[MacRuby-devel] Foundation tool OS X Service, Garbage Collection, MacRuby: why my NSRunLoop won’t loop in acceptInputForMode:beforeDate:?
Caio Chassot
dev at caiochassot.com
Thu Aug 19 01:56:05 PDT 2010
(repost from http://stackoverflow.com/questions/3519436 under recommendation from @lrz)
I suspect this is not strictly a MacRuby issue since I can more or less cause it in pure Objective-C with GC. I observe the same NSRunLoop issue in Nu, in addition to crashing. Anyhoo:
I'm writing an OS X Service with MacRuby. It upcases the selected text. It mostly works, but… well, here's all of it:
#!/usr/local/bin/macruby
# encoding: UTF-8
framework 'Foundation'
framework 'AppKit'
class KCUpcase
def upcase(pasteboard, userData: s_userdata, error: s_error)
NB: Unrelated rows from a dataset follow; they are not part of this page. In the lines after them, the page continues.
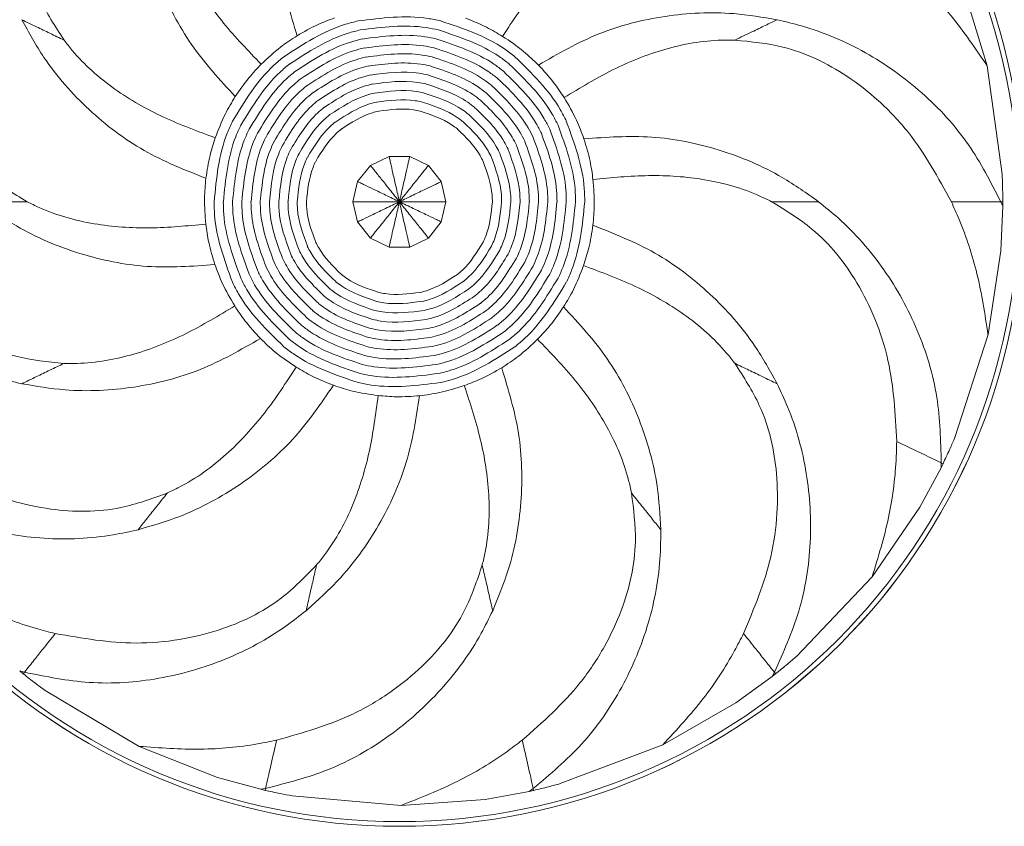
# Model space of a CAD drawing. Header units: millimetres. Extents: x -453 to 1924, y -67 to 428.
# Tile 30 of 88: x 97 to 140, y 373 to 408. Entities that reach past the tile are written whole.
import ezdxf

# ---------------------------------------------------------------- set-up
doc = ezdxf.new("R2010")
doc.units = ezdxf.units.MM

# ---------------------------------------------------------------- blocks, each defined once
blk = doc.blocks.new('Drawing View1')
at = {"color": 7, "linetype": 'Continuous', "lineweight": 18}
for p, q in [((225.86, 33.438), (224.775, 36.987)), ((226.516, 28.666), (225.861, 33.438)), ((198.725, 29.057), (198.159, 28.345)), ((199.545, 29.452), (198.726, 29.056)), ((200.455, 29.452), (199.545, 29.451)), ((201.275, 29.057), (200.455, 29.451)), ((201.842, 28.345), (201.274, 29.056)), ((198.158, 28.345), (197.956, 27.458)), ((202.045, 27.458), (201.841, 28.345)), ((197.955, 27.458), (198.159, 26.571)), ((201.842, 26.571), (202.044, 27.458)), ((226.457, 27.458), (226.543, 27.458)), ((226.542, 27.258), (226.457, 27.458)), ((226.542, 27.258), (226.543, 27.458)), ((226.542, 27.258), (226.456, 25.294)), ((198.158, 26.571), (198.726, 25.86)), ((201.275, 25.859), (201.841, 26.571)), ((198.725, 25.859), (199.545, 25.465)), ((200.455, 25.464), (201.274, 25.86)), ((199.545, 25.464), (200.455, 25.465)), ((225.894, 21.625), (226.456, 25.294)), ((224.414, 17.042), (225.894, 21.625)), ((223.827, 15.762), (222.897, 14.029)), ((223.827, 15.762), (223.836, 15.979)), ((223.827, 15.762), (223.914, 15.941)), ((223.836, 15.979), (223.914, 15.941)), ((220.799, 10.968), (222.897, 14.029)), ((217.477, 7.481), (220.799, 10.968)), ((183.295, 6.831), (183.505, 6.773)), ((183.295, 6.831), (183.451, 6.706)), ((183.451, 6.706), (183.505, 6.773)), ((216.393, 6.582), (214.803, 5.424)), ((216.393, 6.582), (216.495, 6.773)), ((216.393, 6.582), (216.549, 6.706)), ((216.549, 6.706), (216.495, 6.773)), ((184.413, 5.974), (188.551, 3.511)), ((211.584, 3.577), (214.803, 5.424)), ((188.552, 3.511), (192.003, 2.147)), ((207.078, 1.876), (211.585, 3.576)), ((193.899, 1.626), (192.003, 2.147)), ((193.899, 1.626), (194.113, 1.665)), ((193.899, 1.626), (194.094, 1.58)), ((194.113, 1.665), (194.094, 1.581)), ((195.278, 1.338), (200.076, 0.915)), ((205.711, 1.537), (203.777, 1.183)), ((205.711, 1.537), (205.887, 1.665)), ((205.711, 1.537), (205.906, 1.58)), ((205.887, 1.665), (205.906, 1.581)), ((200.076, 0.915), (203.777, 1.183))]:
    blk.add_line(p, q, dxfattribs=at)
for radius in [27.458, 27.457, 27.249]:
    blk.add_circle((200, 27.458), radius, dxfattribs=at)
for points, knots in [([(184.861, 46.442), (184.397, 45.336), (183.683, 43.633), (183.35, 41.221), (183.372, 38.966), (183.897, 36.643), (184.855, 35.165), (185.245, 34.562)], [0, 0, 0, 0, 0.286419, 0.440929, 0.581938, 0.829503, 1, 1, 1, 1]), ([(195.896, 45.438), (195.651, 44.844), (195.019, 43.314), (194.56, 40.672), (194.626, 37.614), (195.209, 35.71), (195.5, 34.758)], [0, 0, 0, 0, 0.174623, 0.449768, 0.72491, 1, 1, 1, 1]), ([(188.501, 41.877), (188.538, 41.235), (188.633, 39.582), (189.365, 37.003), (190.751, 34.277), (192.103, 32.814), (192.778, 32.083)], [0, 0, 0, 0, 0.174623, 0.449768, 0.72491, 1, 1, 1, 1]), ([(189.789, 40.261), (189.83, 40.072), (190.051, 39.067), (190.782, 37.34), (192.207, 35.281), (193.353, 34.093), (193.922, 33.503)], [0, 0, 0, 0, 0.073293, 0.391157, 0.697324, 1, 1, 1, 1]), ([(210.209, 40.262), (210.035, 40.18), (209.104, 39.741), (207.583, 38.644), (205.893, 36.797), (204.99, 35.415), (204.541, 34.728)], [0, 0, 0, 0, 0.073293, 0.391157, 0.697324, 1, 1, 1, 1]), ([(178.123, 37.993), (178.185, 36.795), (178.28, 34.952), (179.027, 32.634), (180.026, 30.612), (181.507, 28.746), (183.011, 27.83), (183.624, 27.457)], [0, 0, 0, 0, 0.286419, 0.440929, 0.581938, 0.829503, 1, 1, 1, 1]), ([(225.857, 33.437), (225.348, 34.184), (224.364, 35.625), (222.951, 37.09), (222.093, 37.811), (221.877, 37.993)], [0, 0, 0, 0, 0.4455721, 0.8600095, 1, 1, 1, 1]), ([(195.5, 34.758), (195.795, 34.927), (196.324, 35.231), (196.894, 35.446), (197.147, 35.541)], [0, 0, 0, 0, 0.556807, 1, 1, 1, 1]), ([(198.186, 35.404), (199.213, 35.536), (200.434, 35.693), (201.625, 35.447), (201.815, 35.408)], [0, 0, 0, 0, 0.841056, 1, 1, 1, 1]), ([(202.902, 35.528), (203.218, 35.403), (203.785, 35.178), (204.308, 34.867), (204.541, 34.728)], [0, 0, 0, 0, 0.5568074, 1, 1, 1, 1]), ([(216.616, 35.46), (215.982, 35.567), (214.35, 35.842), (211.672, 35.702), (208.706, 34.958), (206.979, 33.965), (206.116, 33.469)], [0, 0, 0, 0, 0.174623, 0.449768, 0.72491, 1, 1, 1, 1]), ([(183.384, 35.46), (183.696, 34.898), (184.498, 33.45), (186.277, 31.444), (188.709, 29.588), (190.561, 28.857), (191.487, 28.491)], [0, 0, 0, 0, 0.174623, 0.449768, 0.72491, 1, 1, 1, 1]), ([(183.384, 35.46), (183.596, 35.358), (183.984, 35.171), (184.615, 34.867), (185.039, 34.663), (185.249, 34.562)], [0, 0, 0, 0, 0.379847, 0.692841, 1, 1, 1, 1]), ([(194.919, 33.83), (195.786, 34.395), (196.818, 35.066), (197.998, 35.361), (198.185, 35.408)], [0, 0, 0, 0, 0.841056, 1, 1, 1, 1]), ([(198.277, 35.008), (199.253, 35.133), (200.413, 35.283), (201.544, 35.049), (201.724, 35.012)], [0, 0, 0, 0, 0.841056, 1, 1, 1, 1]), ([(201.814, 35.404), (202.796, 35.077), (203.964, 34.689), (204.931, 33.951), (205.084, 33.833)], [0, 0, 0, 0, 0.841056, 1, 1, 1, 1]), ([(214.751, 34.562), (215.008, 34.686), (215.479, 34.912), (216.099, 35.211), (216.444, 35.377), (216.616, 35.46)], [0, 0, 0, 0, 0.377689, 0.690658, 1, 1, 1, 1]), ([(226.457, 27.458), (226.015, 28.318), (225.098, 30.102), (223.047, 32.327), (220.552, 34.104), (218.323, 35.055), (216.977, 35.374), (216.616, 35.46)], [0, 0, 0, 0, 0.216499, 0.4491823, 0.6818988, 0.9146518, 1, 1, 1, 1]), ([(193.922, 33.503), (194.198, 33.764), (194.689, 34.227), (195.254, 34.597), (195.5, 34.758)], [0, 0, 0, 0, 0.563133, 1, 1, 1, 1]), ([(195.172, 33.512), (195.996, 34.049), (196.977, 34.687), (198.098, 34.967), (198.276, 35.012)], [0, 0, 0, 0, 0.841056, 1, 1, 1, 1]), ([(198.367, 34.612), (199.292, 34.731), (200.391, 34.872), (201.463, 34.651), (201.634, 34.615)], [0, 0, 0, 0, 0.841056, 1, 1, 1, 1]), ([(201.723, 35.008), (202.657, 34.697), (203.767, 34.329), (204.685, 33.627), (204.831, 33.516)], [0, 0, 0, 0, 0.841056, 1, 1, 1, 1]), ([(204.541, 34.728), (204.857, 34.517), (205.418, 34.142), (205.904, 33.674), (206.116, 33.469)], [0, 0, 0, 0, 0.563133, 1, 1, 1, 1]), ([(185.245, 34.562), (185.364, 34.41), (185.999, 33.6), (187.407, 32.362), (189.584, 31.125), (191.132, 30.552), (191.901, 30.267)], [0, 0, 0, 0, 0.073293, 0.391157, 0.697324, 1, 1, 1, 1]), ([(195.425, 33.195), (196.206, 33.703), (197.136, 34.308), (198.198, 34.573), (198.366, 34.615)], [0, 0, 0, 0, 0.841056, 1, 1, 1, 1]), ([(195.678, 32.877), (196.417, 33.357), (197.294, 33.928), (198.297, 34.179), (198.457, 34.219)], [0, 0, 0, 0, 0.841056, 1, 1, 1, 1]), ([(198.458, 34.216), (199.331, 34.328), (200.369, 34.462), (201.382, 34.252), (201.543, 34.219)], [0, 0, 0, 0, 0.841056, 1, 1, 1, 1]), ([(201.633, 34.612), (202.517, 34.318), (203.569, 33.968), (204.439, 33.304), (204.577, 33.198)], [0, 0, 0, 0, 0.841056, 1, 1, 1, 1]), ([(214.754, 34.564), (214.561, 34.566), (213.532, 34.575), (211.686, 34.246), (209.361, 33.315), (207.948, 32.462), (207.245, 32.038)], [0, 0, 0, 0, 0.073293, 0.391157, 0.697324, 1, 1, 1, 1]), ([(224.281, 27.458), (223.706, 28.51), (222.82, 30.13), (221.142, 31.894), (219.364, 33.283), (217.221, 34.321), (215.468, 34.494), (214.754, 34.564)], [0, 0, 0, 0, 0.286419, 0.440929, 0.581938, 0.829503, 1, 1, 1, 1]), ([(192.657, 30.994), (193.194, 31.88), (193.832, 32.932), (194.767, 33.71), (194.916, 33.833)], [0, 0, 0, 0, 0.841056, 1, 1, 1, 1]), ([(195.932, 32.56), (196.627, 33.012), (197.453, 33.549), (198.397, 33.785), (198.547, 33.823)], [0, 0, 0, 0, 0.841056, 1, 1, 1, 1]), ([(198.548, 33.82), (199.37, 33.925), (200.348, 34.051), (201.301, 33.854), (201.453, 33.823)], [0, 0, 0, 0, 0.8410559, 1, 1, 1, 1]), ([(201.452, 33.82), (202.239, 33.558), (203.174, 33.247), (203.948, 32.656), (204.071, 32.562)], [0, 0, 0, 0, 0.841056, 1, 1, 1, 1]), ([(201.542, 34.216), (202.378, 33.938), (203.372, 33.608), (204.193, 32.98), (204.324, 32.88)], [0, 0, 0, 0, 0.841056, 1, 1, 1, 1]), ([(205.081, 33.83), (205.825, 33.109), (206.709, 32.253), (207.259, 31.168), (207.347, 30.996)], [0, 0, 0, 0, 0.841056, 1, 1, 1, 1]), ([(192.778, 32.083), (192.97, 32.363), (193.315, 32.866), (193.736, 33.307), (193.922, 33.503)], [0, 0, 0, 0, 0.556807, 1, 1, 1, 1]), ([(193.023, 30.818), (193.533, 31.659), (194.14, 32.659), (195.028, 33.398), (195.169, 33.516)], [0, 0, 0, 0, 0.841056, 1, 1, 1, 1]), ([(196.185, 32.242), (196.837, 32.666), (197.611, 33.17), (198.497, 33.391), (198.638, 33.427)], [0, 0, 0, 0, 0.841056, 1, 1, 1, 1]), ([(198.638, 33.423), (199.409, 33.523), (200.326, 33.641), (201.22, 33.456), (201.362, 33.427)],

incoming_string = pasteboard.stringForType "public.utf8-plain-text"
outgoing_string = incoming_string.upcase
pasteboard.clearContents
pasteboard.setString(outgoing_string, forType: "public.utf8-plain-text")
end
end
NSLog "Starting…"
NSRegisterServicesProvider(KCUpcase.new, "Upcase")
NSLog "Registered…"
NSRunLoop.currentRunLoop\
.acceptInputForMode(NSDefaultRunLoopMode,
beforeDate:NSDate.dateWithTimeIntervalSinceNow(10.0))
NSLog "Done."
It's just a Foundation tool, not part of an Application.
Now, see the `NSRunLoop…` line? That doesn't really work. The program exits imediately. I suppose the loop runs once and then exits. Anyhoo, the fact is that it's definititely not waiting 10s for input. So, here's what I did instead:
NSRunLoop.currentRunLoop.runUntilDate NSDate.dateWithTimeIntervalSinceNow(60.0)
And that works, but naturally the program sticks around for 60s, and it's a kludge. So I implemented the whole thing in Objective C (Including KCUpcase, which is not shown). And… it works. With manual memory management. Once I switch to GC (`-fobjc-gc-only`), it exits imediately same as the MacRuby version.
#import <Foundation/Foundation.h>
#import "KCUpcase.h"
int main (int argc, const char * argv[]) {
NSLog(@"Starting…");
NSRegisterServicesProvider([[KCUpcase alloc] init], @"KCUpcase");
NSLog(@"Registered…");
[[NSRunLoop currentRunLoop]
acceptInputForMode:NSDefaultRunLoopMode
beforeDate:[NSDate dateWithTimeIntervalSinceNow:10.0]];
NSLog(@"Done.");
return 0;
}
But, alas, the fix is easy: because this is a Foundation tool (not an NSApplication), it seems I have to start GC manually by calling `objc_startCollectorThread`. Here:
#import <objc/objc-auto.h>
// ...
NSLog(@"Starting…");
objc_startCollectorThread();
NSRegisterServicesProvider([[KCUpcase alloc] init], @"KCUpcase");
// ...
Ok, but what's up with MacRuby then? Let's throw it into the mix:
#import <MacRuby/MacRuby.h>
// ...
NSLog(@"Starting…");
objc_startCollectorThread(); // This magic stops working once we add MacRuby
[[MacRuby sharedRuntime] evaluateString: @"$stderr.puts 'hi from macruby'"];
NSRegisterServicesProvider([[KCUpcase alloc] init], @"KCUpcase");
// ...
And, again, it's not waiting in the loop. And, again, ussing the `runUntilDate:` kludge instead of `acceptInputForMode:beforeDate:` works:
NSLog(@"Starting…");
[[MacRuby sharedRuntime] evaluateString: @"$stderr.puts 'hi from macruby'"];
NSRegisterServicesProvider([[KCUpcase alloc] init], @"KCUpcase");
NSLog(@"Registered…");
// Hmmm…
[[NSRunLoop currentRunLoop]
runUntilDate:[NSDate dateWithTimeIntervalSinceNow:10.0]];
NSLog(@"Done.");
return 0;
**So, I suppose I'm missing something terribly obvious. Please enlighten me.**
---
And by the way, the full MacRuby version of the project is available (see below) with a Rake task that'll build and install it in `~/Library/Services`. Then you need to enable its checkbox in Services in the Keyboard Preference Pane (once).
* view: http://gist.github.com/537075
* download: http://gist.github.com/gists/537075/download
* clone: git clone git://gist.github.com/537075.git
**Aside**: Interestingly, I tried calling `NSLog` inside the MacRuby string, and it raised `NoMethodError`. What gives?